## Your objective
Write out the stretch of lines below that begins at the line with "#16914=CARTESIAN_POINT('',(33.941,0.,6.13));" and ends at the line with "RATIONAL_B_SPLINE_CURVE((1.,1.)) REPRESENTATION_ITEM('') );", including both, exactly as given and nothing more.

Items from a dataset:
=======
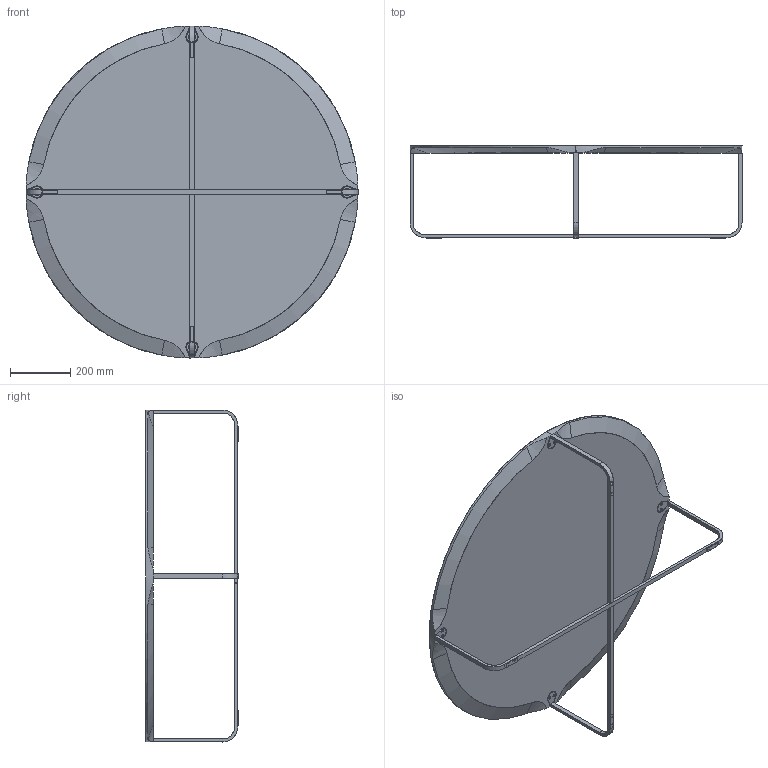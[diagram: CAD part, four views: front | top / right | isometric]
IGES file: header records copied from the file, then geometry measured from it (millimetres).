
Start section: SolidWorks IGES file using analytic representation for surfaces
Global section: file name: G:\CAD-FILES\3D Montis\3D_IGS\Flint tafel 1100-300.IGS; native system: SolidWorks 2007; preprocessor: SolidWorks 2007; author: gerard; date: 060929.091143; units: millimetre
Bounding box: 1100 x 308 x 1100 mm (x, y, z)
Surface area: 2119397.7 mm2 (no closed solid volume)
Topology: 0 solids, 0 shells, 186 faces, 2760 edges, 2760 vertices
Faces by surface type: revolution 109, bspline 77
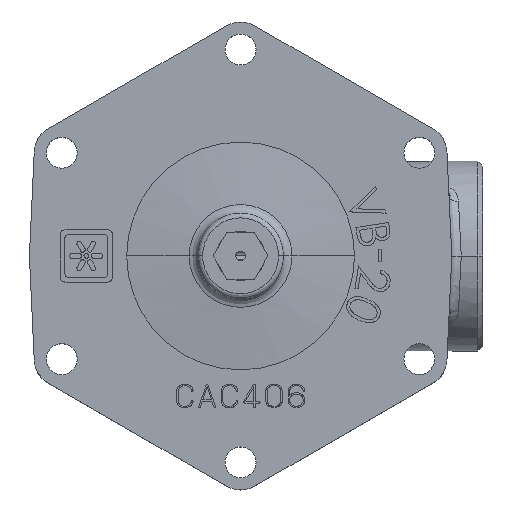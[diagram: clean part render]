
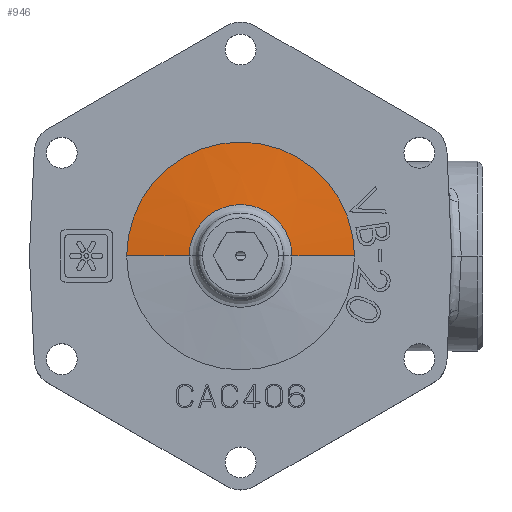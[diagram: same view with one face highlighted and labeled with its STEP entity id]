
A CAD part, top view. The second image highlights one B-rep face of the part: STEP entity #946.
In plain terms, the highlighted free-form (B-spline) face has degree [2, 1] with [5, 2] control points.
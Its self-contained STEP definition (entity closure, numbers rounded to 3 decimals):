
#946=ADVANCED_FACE('',(#8689),#8688,.T.);
#8688=( BOUNDED_SURFACE() B_SPLINE_SURFACE( 2,1,((#16905,#16906),(#16907,#16908),(#16909,#16910),(#16911,#16912),(#16913,#16914)), .UNSPECIFIED.,.F.,.F.,.F.) B_SPLINE_SURFACE_WITH_KNOTS((3,2,3),(2,2),(0.,0.5,1.),(0.,1.), .UNSPECIFIED. ) GEOMETRIC_REPRESENTATION_ITEM() RATIONAL_B_SPLINE_SURFACE(((1.,1.),(0.707,0.707),(1.,1.),(0.707,0.707),(1.,1.))) REPRESENTATION_ITEM('') SURFACE() );
#8689=FACE_OUTER_BOUND('',#16915,.T.);
#16905=CARTESIAN_POINT('',(0.,0.,9.1));
#16906=CARTESIAN_POINT('',(-33.941,0.,6.13));
#16907=CARTESIAN_POINT('',(0.,0.,9.1));
#16908=CARTESIAN_POINT('',(-33.941,33.941,6.13));
#16909=CARTESIAN_POINT('',(0.,0.,9.1));
#16910=CARTESIAN_POINT('',(0.,33.941,6.13));
#16911=CARTESIAN_POINT('',(0.,0.,9.1));
#16912=CARTESIAN_POINT('',(33.941,33.941,6.13));
#16913=CARTESIAN_POINT('',(0.,0.,9.1));
#16914=CARTESIAN_POINT('',(33.941,0.,6.13));
#16915=EDGE_LOOP('',(#21582,#21583,#21584,#21585));
#21582=ORIENTED_EDGE('',*,*,#23995,.T.);
#21583=ORIENTED_EDGE('',*,*,#23996,.T.);
#21584=ORIENTED_EDGE('',*,*,#23974,.F.);
#21585=ORIENTED_EDGE('',*,*,#23997,.F.);
#23974=EDGE_CURVE('',#37906,#37907,#37908,.T.);
#23995=EDGE_CURVE('',#38029,#38028,#38048,.T.);
#23996=EDGE_CURVE('',#38028,#37907,#38054,.T.);
#23997=EDGE_CURVE('',#38029,#37906,#38060,.T.);
#37906=VERTEX_POINT('',#48526);
#37907=VERTEX_POINT('',#48527);
#37908=CIRCLE('',#48531,24.);
#38028=VERTEX_POINT('',#48608);
#38029=VERTEX_POINT('',#48609);
#38048=CIRCLE('',#48623,10.826);
#38054=(BOUNDED_CURVE() B_SPLINE_CURVE(1,(#48624,#48625),.UNSPECIFIED.,.F.,.F.) B_SPLINE_CURVE_WITH_KNOTS((2,2),(0.319,0.707),.UNSPECIFIED.) CURVE() GEOMETRIC_REPRESENTATION_ITEM() RATIONAL_B_SPLINE_CURVE((1.,1.)) REPRESENTATION_ITEM('') );
#38060=(BOUNDED_CURVE() B_SPLINE_CURVE(1,(#48626,#48627),.UNSPECIFIED.,.F.,.F.) B_SPLINE_CURVE_WITH_KNOTS((2,2),(0.319,0.707),.UNSPECIFIED.) CURVE() GEOMETRIC_REPRESENTATION_ITEM() RATIONAL_B_SPLINE_CURVE((0.75,0.75)) REPRESENTATION_ITEM('') );
#48526=CARTESIAN_POINT('',(-24.,0.,7.));
#48527=CARTESIAN_POINT('',(24.,0.,7.));
#48528=CARTESIAN_POINT('',(0.,0.,7.));
#48529=DIRECTION('',(0.,0.,-1.));
#48530=DIRECTION('',(-1.,0.,0.));
#48531=AXIS2_PLACEMENT_3D('',#48528,#48529,#48530);
#48608=CARTESIAN_POINT('',(10.826,0.,8.153));
#48609=CARTESIAN_POINT('',(-10.826,0.,8.153));
#48620=CARTESIAN_POINT('',(0.,0.,8.153));
#48621=DIRECTION('',(0.,0.,-1.));
#48622=DIRECTION('',(-1.,0.,0.));
#48623=AXIS2_PLACEMENT_3D('',#48620,#48621,#48622);
#48624=CARTESIAN_POINT('',(10.826,0.,8.153));
#48625=CARTESIAN_POINT('',(24.,0.,7.));
#48626=CARTESIAN_POINT('',(-10.826,0.,8.153));
#48627=CARTESIAN_POINT('',(-24.,0.,7.));
=======
## Response to this task
#16914=CARTESIAN_POINT('',(33.941,0.,6.13));
#16915=EDGE_LOOP('',(#21582,#21583,#21584,#21585));
#21582=ORIENTED_EDGE('',*,*,#23995,.T.);
#21583=ORIENTED_EDGE('',*,*,#23996,.T.);
#21584=ORIENTED_EDGE('',*,*,#23974,.F.);
#21585=ORIENTED_EDGE('',*,*,#23997,.F.);
#23974=EDGE_CURVE('',#37906,#37907,#37908,.T.);
#23995=EDGE_CURVE('',#38029,#38028,#38048,.T.);
#23996=EDGE_CURVE('',#38028,#37907,#38054,.T.);
#23997=EDGE_CURVE('',#38029,#37906,#38060,.T.);
#37906=VERTEX_POINT('',#48526);
#37907=VERTEX_POINT('',#48527);
#37908=CIRCLE('',#48531,24.);
#38028=VERTEX_POINT('',#48608);
#38029=VERTEX_POINT('',#48609);
#38048=CIRCLE('',#48623,10.826);
#38054=(BOUNDED_CURVE() B_SPLINE_CURVE(1,(#48624,#48625),.UNSPECIFIED.,.F.,.F.) B_SPLINE_CURVE_WITH_KNOTS((2,2),(0.319,0.707),.UNSPECIFIED.) CURVE() GEOMETRIC_REPRESENTATION_ITEM() RATIONAL_B_SPLINE_CURVE((1.,1.)) REPRESENTATION_ITEM('') );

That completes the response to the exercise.